__Data items__.

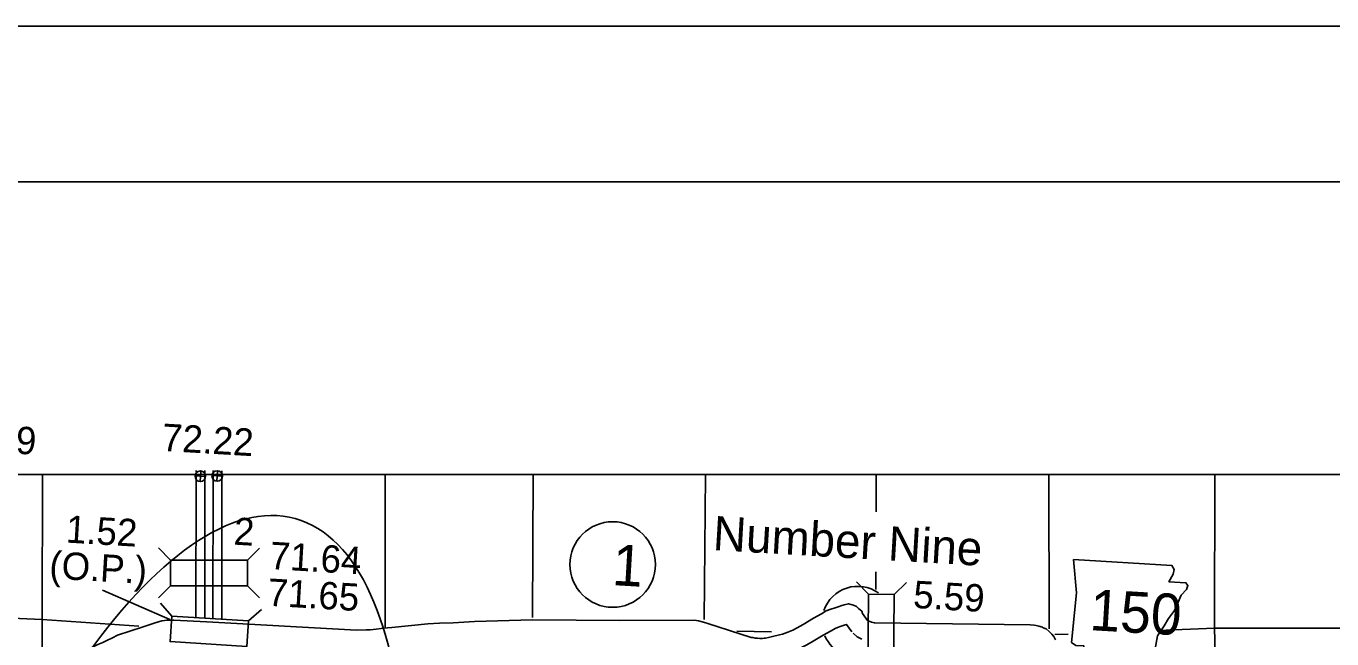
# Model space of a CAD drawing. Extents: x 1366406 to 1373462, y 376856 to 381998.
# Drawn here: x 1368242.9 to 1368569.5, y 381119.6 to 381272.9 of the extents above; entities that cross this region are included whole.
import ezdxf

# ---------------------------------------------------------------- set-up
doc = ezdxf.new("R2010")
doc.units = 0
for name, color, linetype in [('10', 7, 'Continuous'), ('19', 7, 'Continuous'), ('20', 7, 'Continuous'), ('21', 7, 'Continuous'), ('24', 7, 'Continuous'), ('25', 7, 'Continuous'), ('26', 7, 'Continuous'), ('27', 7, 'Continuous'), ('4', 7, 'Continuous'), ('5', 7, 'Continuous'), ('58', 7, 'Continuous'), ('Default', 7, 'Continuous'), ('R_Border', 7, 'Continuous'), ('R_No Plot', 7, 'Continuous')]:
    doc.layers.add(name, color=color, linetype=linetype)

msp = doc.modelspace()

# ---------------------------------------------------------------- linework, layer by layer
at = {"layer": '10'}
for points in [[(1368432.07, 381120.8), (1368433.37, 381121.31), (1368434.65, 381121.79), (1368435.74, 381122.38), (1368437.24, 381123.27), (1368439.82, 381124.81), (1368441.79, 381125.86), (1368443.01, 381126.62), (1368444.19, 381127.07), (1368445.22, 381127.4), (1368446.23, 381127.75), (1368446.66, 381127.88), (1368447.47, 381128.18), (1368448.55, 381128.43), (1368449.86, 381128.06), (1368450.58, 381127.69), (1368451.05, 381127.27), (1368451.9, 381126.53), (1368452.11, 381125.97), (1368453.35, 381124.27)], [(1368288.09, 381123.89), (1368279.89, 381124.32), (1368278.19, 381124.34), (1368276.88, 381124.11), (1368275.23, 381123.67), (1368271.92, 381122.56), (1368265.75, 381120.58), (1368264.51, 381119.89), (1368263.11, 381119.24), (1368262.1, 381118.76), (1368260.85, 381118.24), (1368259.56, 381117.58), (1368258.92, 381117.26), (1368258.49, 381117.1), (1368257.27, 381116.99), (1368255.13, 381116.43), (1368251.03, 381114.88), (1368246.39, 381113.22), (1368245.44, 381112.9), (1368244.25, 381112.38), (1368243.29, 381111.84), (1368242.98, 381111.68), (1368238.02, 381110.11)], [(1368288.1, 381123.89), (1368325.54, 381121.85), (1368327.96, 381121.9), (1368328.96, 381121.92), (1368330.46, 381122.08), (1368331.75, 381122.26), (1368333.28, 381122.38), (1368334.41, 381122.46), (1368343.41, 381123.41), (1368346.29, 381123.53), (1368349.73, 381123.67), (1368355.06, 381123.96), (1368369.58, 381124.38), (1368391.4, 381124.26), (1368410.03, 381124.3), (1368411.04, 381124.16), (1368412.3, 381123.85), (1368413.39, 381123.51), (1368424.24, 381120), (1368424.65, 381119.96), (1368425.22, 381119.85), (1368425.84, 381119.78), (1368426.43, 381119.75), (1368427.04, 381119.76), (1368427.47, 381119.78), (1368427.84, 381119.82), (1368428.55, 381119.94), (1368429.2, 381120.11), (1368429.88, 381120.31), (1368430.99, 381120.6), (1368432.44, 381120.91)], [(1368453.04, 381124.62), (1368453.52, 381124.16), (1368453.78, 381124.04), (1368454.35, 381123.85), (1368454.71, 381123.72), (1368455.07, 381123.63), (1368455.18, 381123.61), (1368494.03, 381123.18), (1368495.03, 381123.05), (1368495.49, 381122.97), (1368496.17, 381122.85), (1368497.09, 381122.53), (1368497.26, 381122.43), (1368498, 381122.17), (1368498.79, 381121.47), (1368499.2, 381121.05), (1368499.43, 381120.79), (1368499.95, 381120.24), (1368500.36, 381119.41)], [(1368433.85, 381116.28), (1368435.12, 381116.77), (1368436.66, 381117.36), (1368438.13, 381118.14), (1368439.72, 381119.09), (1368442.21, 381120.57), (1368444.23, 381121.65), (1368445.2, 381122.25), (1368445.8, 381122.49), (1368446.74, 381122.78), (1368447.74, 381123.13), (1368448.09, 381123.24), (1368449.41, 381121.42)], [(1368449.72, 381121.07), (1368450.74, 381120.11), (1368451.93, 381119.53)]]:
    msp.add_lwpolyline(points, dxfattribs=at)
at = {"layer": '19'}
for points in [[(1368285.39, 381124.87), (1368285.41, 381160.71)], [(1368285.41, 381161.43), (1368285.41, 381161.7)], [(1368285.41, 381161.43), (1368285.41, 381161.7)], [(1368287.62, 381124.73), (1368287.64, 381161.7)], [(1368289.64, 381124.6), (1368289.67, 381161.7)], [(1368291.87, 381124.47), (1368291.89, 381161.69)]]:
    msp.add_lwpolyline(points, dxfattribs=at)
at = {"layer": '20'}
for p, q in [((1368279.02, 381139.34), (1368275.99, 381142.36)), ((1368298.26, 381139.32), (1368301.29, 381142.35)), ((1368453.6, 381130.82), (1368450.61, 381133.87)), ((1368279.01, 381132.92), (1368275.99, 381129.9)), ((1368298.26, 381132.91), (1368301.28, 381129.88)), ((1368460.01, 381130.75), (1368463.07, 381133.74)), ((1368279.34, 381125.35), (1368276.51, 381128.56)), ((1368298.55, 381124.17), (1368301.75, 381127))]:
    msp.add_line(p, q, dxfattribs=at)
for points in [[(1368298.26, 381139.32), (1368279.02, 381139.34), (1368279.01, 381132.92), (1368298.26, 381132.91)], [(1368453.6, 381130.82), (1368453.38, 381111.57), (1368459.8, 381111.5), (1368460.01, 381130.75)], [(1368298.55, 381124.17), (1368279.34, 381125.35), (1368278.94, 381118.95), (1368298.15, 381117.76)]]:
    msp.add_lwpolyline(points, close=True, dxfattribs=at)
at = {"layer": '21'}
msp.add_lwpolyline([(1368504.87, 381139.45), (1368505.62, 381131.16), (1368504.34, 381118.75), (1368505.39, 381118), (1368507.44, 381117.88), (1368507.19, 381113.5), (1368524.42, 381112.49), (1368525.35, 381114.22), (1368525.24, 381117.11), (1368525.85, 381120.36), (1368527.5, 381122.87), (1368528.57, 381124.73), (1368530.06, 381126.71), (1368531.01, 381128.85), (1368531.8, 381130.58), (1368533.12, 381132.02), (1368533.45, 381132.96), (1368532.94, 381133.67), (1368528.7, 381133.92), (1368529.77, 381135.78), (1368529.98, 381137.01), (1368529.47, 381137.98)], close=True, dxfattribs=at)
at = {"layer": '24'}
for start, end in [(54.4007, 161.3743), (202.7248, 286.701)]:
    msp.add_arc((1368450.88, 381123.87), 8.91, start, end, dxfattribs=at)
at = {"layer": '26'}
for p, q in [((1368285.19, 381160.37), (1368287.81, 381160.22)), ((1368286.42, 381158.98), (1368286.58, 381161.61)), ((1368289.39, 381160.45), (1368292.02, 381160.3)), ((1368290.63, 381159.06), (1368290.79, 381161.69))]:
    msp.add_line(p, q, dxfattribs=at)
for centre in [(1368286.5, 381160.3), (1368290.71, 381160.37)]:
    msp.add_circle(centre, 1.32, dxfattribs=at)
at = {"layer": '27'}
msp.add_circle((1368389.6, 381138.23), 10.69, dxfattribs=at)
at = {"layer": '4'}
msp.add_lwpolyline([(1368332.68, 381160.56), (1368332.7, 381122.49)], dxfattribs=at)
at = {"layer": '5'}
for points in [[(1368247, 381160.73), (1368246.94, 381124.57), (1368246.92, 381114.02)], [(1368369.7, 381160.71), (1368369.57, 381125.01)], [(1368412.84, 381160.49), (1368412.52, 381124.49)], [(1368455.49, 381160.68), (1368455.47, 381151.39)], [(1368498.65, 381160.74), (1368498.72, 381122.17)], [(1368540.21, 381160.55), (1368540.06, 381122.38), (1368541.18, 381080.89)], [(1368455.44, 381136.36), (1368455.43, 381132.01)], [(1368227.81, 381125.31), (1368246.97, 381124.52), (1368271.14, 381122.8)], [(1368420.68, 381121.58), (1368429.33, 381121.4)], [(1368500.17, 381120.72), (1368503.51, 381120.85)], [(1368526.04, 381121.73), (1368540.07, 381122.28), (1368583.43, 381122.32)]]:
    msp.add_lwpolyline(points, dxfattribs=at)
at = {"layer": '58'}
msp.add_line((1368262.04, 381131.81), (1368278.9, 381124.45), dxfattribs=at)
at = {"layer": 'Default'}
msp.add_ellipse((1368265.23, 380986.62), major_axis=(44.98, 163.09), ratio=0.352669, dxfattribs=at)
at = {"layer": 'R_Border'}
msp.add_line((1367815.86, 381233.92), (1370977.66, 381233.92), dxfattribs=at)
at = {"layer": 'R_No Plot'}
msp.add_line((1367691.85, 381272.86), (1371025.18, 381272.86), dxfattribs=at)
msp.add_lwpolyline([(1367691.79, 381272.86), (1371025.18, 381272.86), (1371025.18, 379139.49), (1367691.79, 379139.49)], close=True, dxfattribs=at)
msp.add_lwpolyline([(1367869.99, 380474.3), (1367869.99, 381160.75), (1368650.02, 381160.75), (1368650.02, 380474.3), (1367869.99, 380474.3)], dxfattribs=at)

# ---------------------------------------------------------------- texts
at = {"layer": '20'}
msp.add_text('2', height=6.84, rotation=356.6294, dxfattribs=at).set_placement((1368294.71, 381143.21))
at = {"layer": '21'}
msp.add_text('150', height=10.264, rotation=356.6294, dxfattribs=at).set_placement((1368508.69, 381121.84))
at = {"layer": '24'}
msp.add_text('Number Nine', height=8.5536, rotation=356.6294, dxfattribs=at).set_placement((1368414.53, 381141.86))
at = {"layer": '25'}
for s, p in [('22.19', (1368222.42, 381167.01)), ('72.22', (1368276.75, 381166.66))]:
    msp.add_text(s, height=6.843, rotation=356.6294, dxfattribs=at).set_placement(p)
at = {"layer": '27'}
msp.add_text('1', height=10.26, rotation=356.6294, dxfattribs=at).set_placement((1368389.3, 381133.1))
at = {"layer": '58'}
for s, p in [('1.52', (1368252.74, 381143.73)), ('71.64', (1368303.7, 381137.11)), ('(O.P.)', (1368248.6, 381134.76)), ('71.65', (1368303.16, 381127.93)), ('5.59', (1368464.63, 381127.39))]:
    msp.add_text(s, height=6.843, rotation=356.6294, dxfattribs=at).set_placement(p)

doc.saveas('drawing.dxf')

__Action item__.
Please count the lines of the entries above that include "Plot" and give only the total.

__Response__.
2